5. Ran into this fellow who writes for the Daily News and we exchanged numbers.   He’s very bright, and knows a lot about journalism, too.  Reminds me, I ran into the journalism professor the other night, who had already read my commentary, since he subscribes to that site.  He said: “Good work!”  Thankful for all this newfound focus on journalism and on getting my stories published.  It’s been a pleasantly unexpected turn of events throughout my brief retirement.

6. I finally decided to approach K. about my reservations regarding the Theology group, and we wound up having a nice long conversation.   A very nice and extremely erudite man.

7. K. also assured me not to be intimidated by all these professors and people with degrees, despite my lack of a higher education.  He said I’m on the same intellectual level as most of the professors anyway.

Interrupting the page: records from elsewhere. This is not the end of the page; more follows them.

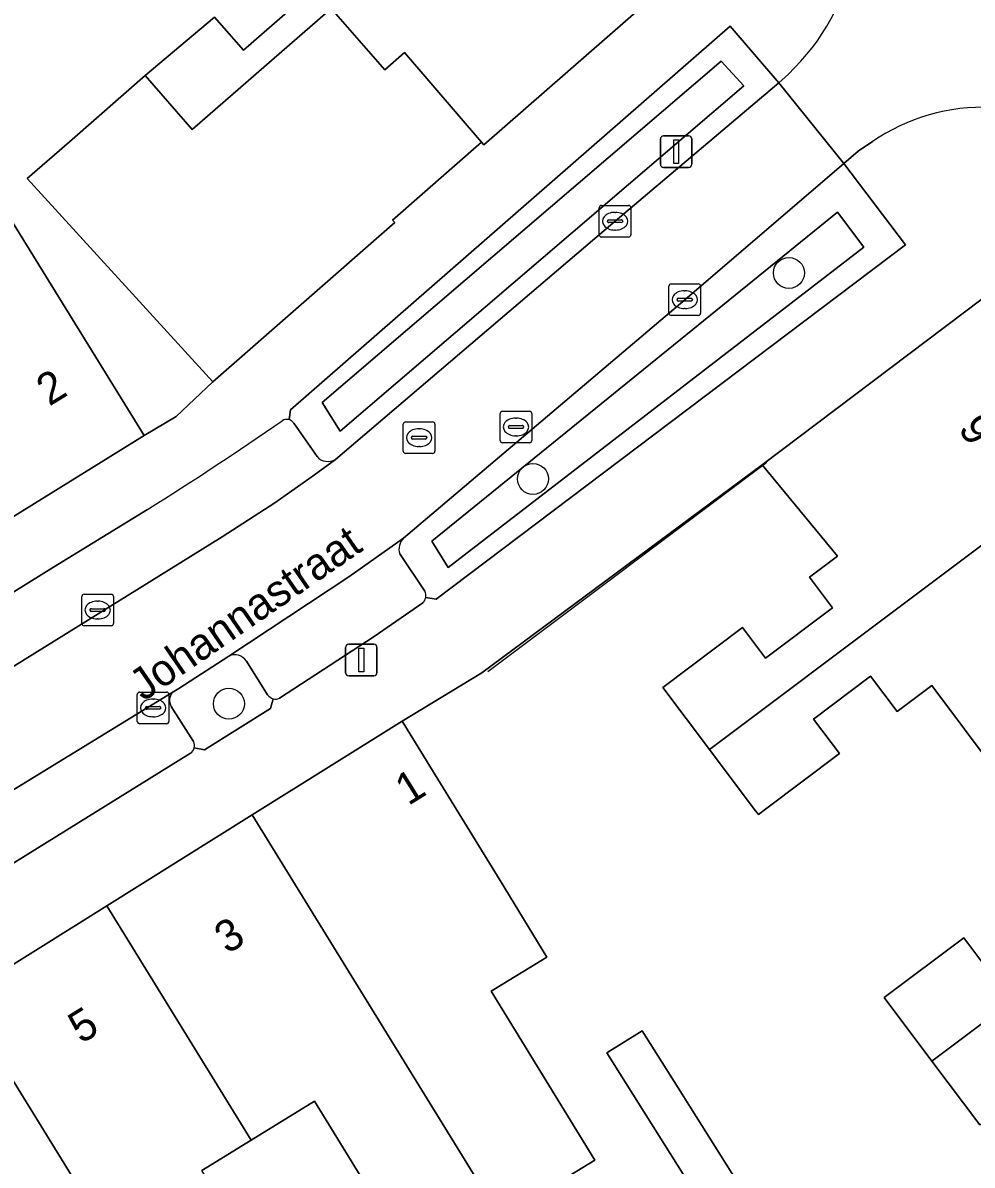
# Model space of a CAD drawing. Extents: x 159716 to 160783, y 383290 to 384031.
# Drawn here: x 160498.53 to 160528.52, y 383488.74 to 383524.87 of the extents above; entities that cross this region are included whole.
import ezdxf

# ---------------------------------------------------------------- set-up
doc = ezdxf.new("R2010")
doc.units = 0
for name, color, linetype in [('IMGEO_Boom', 7, 'Continuous'), ('IMGEO_Erf', 7, 'Continuous'), ('IMGEO_Groenvoorziening', 7, 'Continuous'), ('IMGEO_Kolk', 7, 'Continuous'), ('IMGEO_Lichtmast', 7, 'Continuous'), ('IMGEO_Muur', 7, 'Continuous'), ('IMGEO_Openbare_ruimte_label', 7, 'Continuous'), ('IMGEO_Pand', 7, 'Continuous'), ('IMGEO_Pand_nummerreeks', 7, 'Continuous'), ('IMGEO_Parkeervlak_open', 7, 'Continuous'), ('IMGEO_Rijbaan_lokaal_open', 7, 'Continuous'), ('IMGEO_Rioolput', 7, 'Continuous'), ('IMGEO_Voetpad_open', 7, 'Continuous')]:
    doc.layers.add(name, color=color, linetype=linetype)

msp = doc.modelspace()

# ---------------------------------------------------------------- linework, layer by layer
at = {"layer": 'IMGEO_Boom'}
for centre in [(160522.734, 383516.956), (160514.646, 383510.442), (160505.036, 383503.334)]:
    msp.add_circle(centre, 0.489, dxfattribs=at)
at = {"layer": 'IMGEO_Erf'}
for points in [[(160474.442, 383512.059), (160477.722, 383506.738), (160479.584, 383507.886), (160481.047, 383508.788), (160477.74, 383514.152), (160480.93, 383516.118), (160483.558, 383517.738), (160486.817, 383512.452), (160488.841, 383513.7), (160490.206, 383514.541), (160486.892, 383519.915), (160490.181, 383521.943), (160492.677, 383523.481), (160496.006, 383518.081), (160497.813, 383519.195), (160502.361, 383511.817), (160503.371, 383512.413), (160504.529, 383513.509), (160498.663, 383519.938), (160500, 383521.105), (160502.393, 383523.195), (160504.587, 383525.045), (160505.499, 383524.004), (160507.373, 383525.646)], [(160529.316, 383501.144), (160527.247, 383503.907), (160526.151, 383503.084), (160525.312, 383504.201), (160523.511, 383502.849), (160524.333, 383501.754), (160521.998, 383500), (160521.768, 383499.827), (160521.638, 383500), (160520.224, 383501.882), (160518.745, 383503.851), (160521.263, 383505.742), (160521.989, 383504.774), (160524.107, 383506.365), (160523.38, 383507.332), (160524.267, 383507.998), (160521.892, 383510.886), (160513.025, 383504.314), (160510.513, 383502.782), (160513.612, 383497.741), (160515.083, 383495.32), (160513.325, 383494.245), (160516.605, 383488.904), (160513.625, 383487.074)], [(160528.769, 383490.015), (160527.255, 383492.03), (160525.746, 383494.039), (160528.264, 383495.93), (160528.99, 383494.962)], [(160507.622, 383460.767), (160506.312, 383462.756), (160508.883, 383464.448), (160516.455, 383469.433), (160517.763, 383467.447), (160519.148, 383468.36), (160517.918, 383470.229), (160522.244, 383473.076), (160527.076, 383476.257), (160526.865, 383476.578), (160516.985, 383492.294), (160518.098, 383492.994), (160519.359, 383490.987), (160519.624, 383490.566), (160527.919, 383477.37), (160534.319, 383482.179)], [(160510.995, 383485.459), (160507.74, 383490.76), (160505.742, 383489.533), (160504.18, 383488.574)]]:
    msp.add_lwpolyline(points, dxfattribs=at)
at = {"layer": 'IMGEO_Groenvoorziening'}
for points in [[(160520.88, 383524.764), (160506.983, 383512.622), (160506.94, 383512.317)], [(160508.401, 383511.054), (160517.242, 383518.592), (160522.412, 383522.964), (160520.88, 383524.764)], [(160524.466, 383520.413), (160519.442, 383516.111), (160510.556, 383508.571)], [(160511.257, 383506.693), (160511.586, 383506.636), (160526.42, 383517.847), (160524.466, 383520.413)], [(160507.089, 383512.202), (160507.822, 383511.147)], [(160510.438, 383508.07), (160511.228, 383506.891)], [(160505.032, 383504.834), (160503.456, 383503.817), (160503.249, 383503.69)], [(160506.259, 383503.615), (160505.589, 383504.677)], [(160503.215, 383503.246), (160503.914, 383502.135)], [(160503.941, 383501.935), (160504.27, 383501.875), (160506.355, 383503.179), (160506.437, 383503.49)]]:
    msp.add_lwpolyline(points, dxfattribs=at)
for points in [[(160507.989, 383512.857), (160508.556, 383511.951), (160521.309, 383522.877), (160520.597, 383523.652)], [(160507.989, 383512.857), (160520.597, 383523.652), (160521.309, 383522.877), (160508.556, 383511.951)], [(160524.273, 383518.879), (160525.1, 383517.776), (160511.968, 383507.643), (160511.451, 383508.47)], [(160524.273, 383518.879), (160511.451, 383508.47), (160511.968, 383507.643), (160525.1, 383517.776)]]:
    msp.add_lwpolyline(points, close=True, dxfattribs=at)
for centre, radius, start, end in [((160506.869, 383512.071), 0.256, 30.8062, 73.871), ((160508.169, 383511.461), 0.468, 222.0892, 299.6608), ((160510.9, 383508.226), 0.488, 134.8926, 198.6008), ((160510.933, 383506.747), 0.328, 350.5796, 26.0855), ((160505.229, 383504.465), 0.418, 30.4255, 118.0917), ((160503.541, 383503.444), 0.382, 139.9262, 211.3159), ((160506.514, 383503.788), 0.308, 214.2592, 255.5842), ((160503.682, 383502.002), 0.268, 345.566, 29.8109)]:
    msp.add_arc(centre, radius, start, end, dxfattribs=at)
at = {"layer": 'IMGEO_Kolk'}
for p, q in [((160516.816, 383519.092), (160517.668, 383519.092)), ((160516.741, 383518.166), (160516.741, 383519.018)), ((160517.229, 383518.872), (160517.254, 383518.872)), ((160517.742, 383519.018), (160517.742, 383518.166)), ((160517, 383518.586), (160517, 383518.598)), ((160517.438, 383518.549), (160517.04, 383518.549)), ((160517.043, 383518.635), (160517.441, 383518.635)), ((160517.252, 383518.312), (160517.227, 383518.312)), ((160517.484, 383518.598), (160517.484, 383518.586)), ((160517.668, 383518.092), (160516.816, 383518.092)), ((160518.941, 383515.685), (160518.941, 383516.537)), ((160519.016, 383516.611), (160519.868, 383516.611)), ((160519.942, 383516.537), (160519.942, 383515.685)), ((160519.243, 383516.154), (160519.641, 383516.154)), ((160519.429, 383516.391), (160519.454, 383516.391)), ((160519.2, 383516.105), (160519.2, 383516.117)), ((160519.638, 383516.068), (160519.24, 383516.068)), ((160519.452, 383515.831), (160519.427, 383515.831)), ((160519.684, 383516.117), (160519.684, 383516.105)), ((160519.868, 383515.611), (160519.016, 383515.611)), ((160500.464, 383506.796), (160501.316, 383506.796)), ((160500.389, 383505.87), (160500.389, 383506.722)), ((160500.877, 383506.576), (160500.902, 383506.576)), ((160501.39, 383506.722), (160501.39, 383505.87)), ((160500.648, 383506.29), (160500.648, 383506.302)), ((160501.086, 383506.253), (160500.688, 383506.253)), ((160500.691, 383506.339), (160501.089, 383506.339)), ((160501.132, 383506.302), (160501.132, 383506.29)), ((160501.316, 383505.796), (160500.464, 383505.796)), ((160500.9, 383506.016), (160500.875, 383506.016)), ((160502.142, 383502.775), (160502.142, 383503.627)), ((160502.217, 383503.701), (160503.069, 383503.701)), ((160503.143, 383503.627), (160503.143, 383502.775)), ((160502.401, 383503.195), (160502.401, 383503.207)), ((160502.839, 383503.158), (160502.441, 383503.158)), ((160502.444, 383503.244), (160502.842, 383503.244)), ((160502.63, 383503.481), (160502.655, 383503.481)), ((160502.885, 383503.207), (160502.885, 383503.195)), ((160502.653, 383502.921), (160502.628, 383502.921)), ((160503.069, 383502.701), (160502.217, 383502.701))]:
    msp.add_line(p, q, dxfattribs=at)
for points in [[(160516.816, 383519.092), (160517.668, 383519.092)], [(160516.741, 383518.166), (160516.741, 383519.018)], [(160517.742, 383519.018), (160517.742, 383518.166)], [(160517.668, 383518.092), (160516.816, 383518.092)], [(160518.941, 383515.685), (160518.941, 383516.537)], [(160519.016, 383516.611), (160519.868, 383516.611)], [(160519.942, 383516.537), (160519.942, 383515.685)], [(160519.868, 383515.611), (160519.016, 383515.611)], [(160500.464, 383506.796), (160501.316, 383506.796)], [(160500.389, 383505.87), (160500.389, 383506.722)], [(160501.39, 383506.722), (160501.39, 383505.87)], [(160501.316, 383505.796), (160500.464, 383505.796)], [(160502.142, 383502.775), (160502.142, 383503.627)], [(160502.217, 383503.701), (160503.069, 383503.701)], [(160503.143, 383503.627), (160503.143, 383502.775)], [(160503.069, 383502.701), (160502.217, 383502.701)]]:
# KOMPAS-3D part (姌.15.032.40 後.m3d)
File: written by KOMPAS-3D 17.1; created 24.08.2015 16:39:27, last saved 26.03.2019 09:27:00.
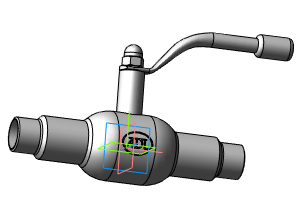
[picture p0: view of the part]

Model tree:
1. Операция без истории:4  (labels: Сталь 20  ГОСТ 1050-88)
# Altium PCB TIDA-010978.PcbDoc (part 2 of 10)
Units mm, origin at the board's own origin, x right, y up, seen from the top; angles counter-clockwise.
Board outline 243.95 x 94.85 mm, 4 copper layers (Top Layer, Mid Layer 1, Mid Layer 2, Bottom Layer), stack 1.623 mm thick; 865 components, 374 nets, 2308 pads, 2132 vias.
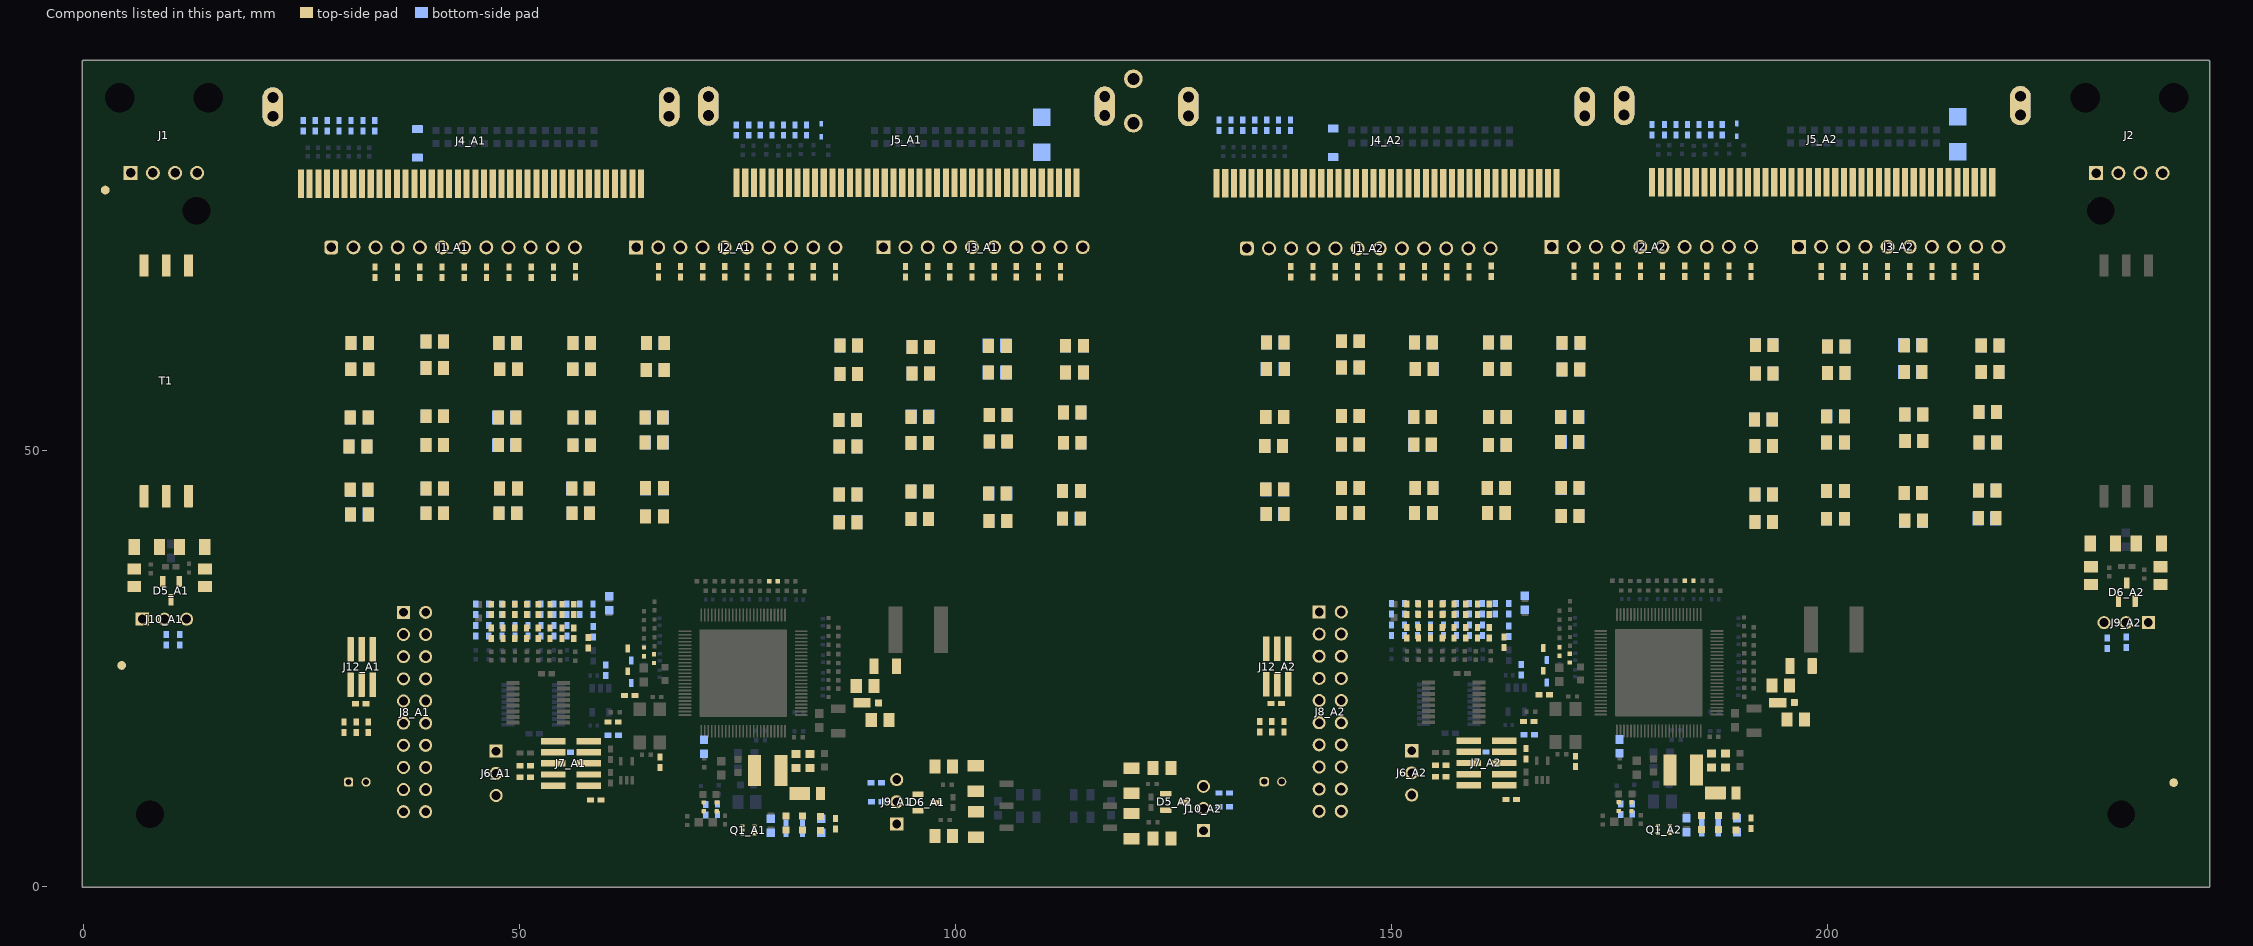
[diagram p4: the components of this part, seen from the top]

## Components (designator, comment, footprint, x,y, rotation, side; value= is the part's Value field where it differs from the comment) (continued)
C161_A2 "GCM155R71H104KE02D" 0402 165.428,15.207 r90 top value=0.1uF (schematic designator C161)
C162_A1 "885012205062" WCAP-CSGP_0402_L1W0.5H0.5 64.275,26.89 r90 top (schematic designator C162)
C162_A2 "885012205062" WCAP-CSGP_0402_L1W0.5H0.5 169.275,26.94 r90 top (schematic designator C162)
C163_A1 "885012205062" WCAP-CSGP_0402_L1W0.5H0.5 79.134,34.985 r0 top (schematic designator C163)
C163_A2 "885012205062" WCAP-CSGP_0402_L1W0.5H0.5 184.134,35.035 r0 top (schematic designator C163)
C164_A1 "885012205062" WCAP-CSGP_0402_L1W0.5H0.5 65.437,26.122 r90 top (schematic designator C164)
C164_A2 "885012205062" WCAP-CSGP_0402_L1W0.5H0.5 170.437,26.172 r90 top (schematic designator C164)
D1_A1 "SMAJ120A" SMA 109.917,86.187 r90 bottom value=120V (schematic designator D1)
D1_A2 "SMAJ120A" SMA 214.917,86.237 r90 bottom value=120V (schematic designator D1)
D2_A1 "MSP3V3-M3/89A" FP-MSP3V3-M3/89A_DO-219AD-MFG 89.932,21.045 r0 top (schematic designator D2)
D2_A2 "MSP3V3-M3/89A" FP-MSP3V3-M3/89A_DO-219AD-MFG 194.944,21.08 r0 top (schematic designator D2)
D3_A1 "DFLS1200Q-7" FP-DFLS1200Q-7_PowerDI123-MFG 82.994,10.671 r180 top (schematic designator D3)
D3_A2 "DFLS1200Q-7" FP-DFLS1200Q-7_PowerDI123-MFG 187.994,10.721 r180 top (schematic designator D3)
D4_A1 "TSD03DYFR" DYF0002A-MFG 62.822,24.614 r270 bottom (schematic designator D4)
D4_A2 "TSD03DYFR" DYF0002A-MFG 167.822,24.664 r270 bottom (schematic designator D4)
D5_A1 "ESD652DBZRQ1" DBZ0003A-MFG 10.044,33.917 r270 top (schematic designator D5)
D5_A2 "ESD652DBZRQ1" DBZ0003A-MFG 125.167,9.682 r0 top (schematic designator D5)
D6_A1 "ESD652DBZRQ1" DBZ0003A-MFG 96.754,9.621 r0 top (schematic designator D6)
D6_A2 "ESD652DBZRQ1" DBZ0003A-MFG 234.331,33.738 r90 top (schematic designator D6)
D7_A1 "SMD16PL-TP" FP-SMD16PL-TP_SOD123FL-MFG 38.313,85.209 r90 bottom (schematic designator D7)
D7_A2 "SMD16PL-TP" FP-SMD16PL-TP_SOD123FL-MFG 143.313,85.259 r90 bottom (schematic designator D7)
D8_A1 "TSD03DYFR" DYF0002A-MFG 62.422,25.974 r270 top (schematic designator D8)
D8_A2 "TSD03DYFR" DYF0002A-MFG 167.422,26.024 r270 top (schematic designator D8)
DVDD_LED1_A1 "150060GS75000" WL-SMCW_GREEN 82.479,7.262 r90 top value=Green (schematic designator DVDD_LED1)
DVDD_LED1_A2 "150060GS75000" WL-SMCW_GREEN 187.479,7.313 r90 top value=Green (schematic designator DVDD_LED1)
FID1 "Fiducial" Fiducial10-20 2.5,79.85 r0 top
FID2 "Fiducial" Fiducial10-20 4.373,25.336 r0 top
FID3 "Fiducial" Fiducial10-20 239.7,11.9 r0 top
H1 "MTG_NoPads" NPTH125mil 7.621,8.259 r0 top
H2 "MTG_NoPads" NPTH125mil 231.333,77.485 r0 top
H3 "MTG_NoPads" NPTH125mil 12.972,77.485 r0 top
H4 "MTG_NoPads" NPTH125mil 233.7,8.259 r0 top
J1 "70551-0038" Molex_70551-0038 9.23,81.81 r90 top
J1_A1 "61301211121" 61301211121 42.389,73.282 r0 top (schematic designator J1)
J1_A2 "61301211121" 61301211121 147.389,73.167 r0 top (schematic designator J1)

8. Said two really great prayers while I was running.  Actually one of them was of the magnitude of the heavily answered prayer I prayed in July 2016 outside the Sequoia station.   It was the second time it’s ever happened — I don’t want to say what the content of the prayer was — but when I prayed it, the words were given me with clear conviction, and as I looked into the sky, I “felt” that those words were heard.

9. Shaun also was helpful last night in that we delineated that I prayed in anger for a certain thing to happen, and it happened, and my anger was assuaged.  Now is the time to pray in Gratitude to make good use of that which has happened, for this is the blessing of God, though I’d asked for it in anger.

10. Asking myself “what’s next?” always works, even if the answer is silence.   God is Good.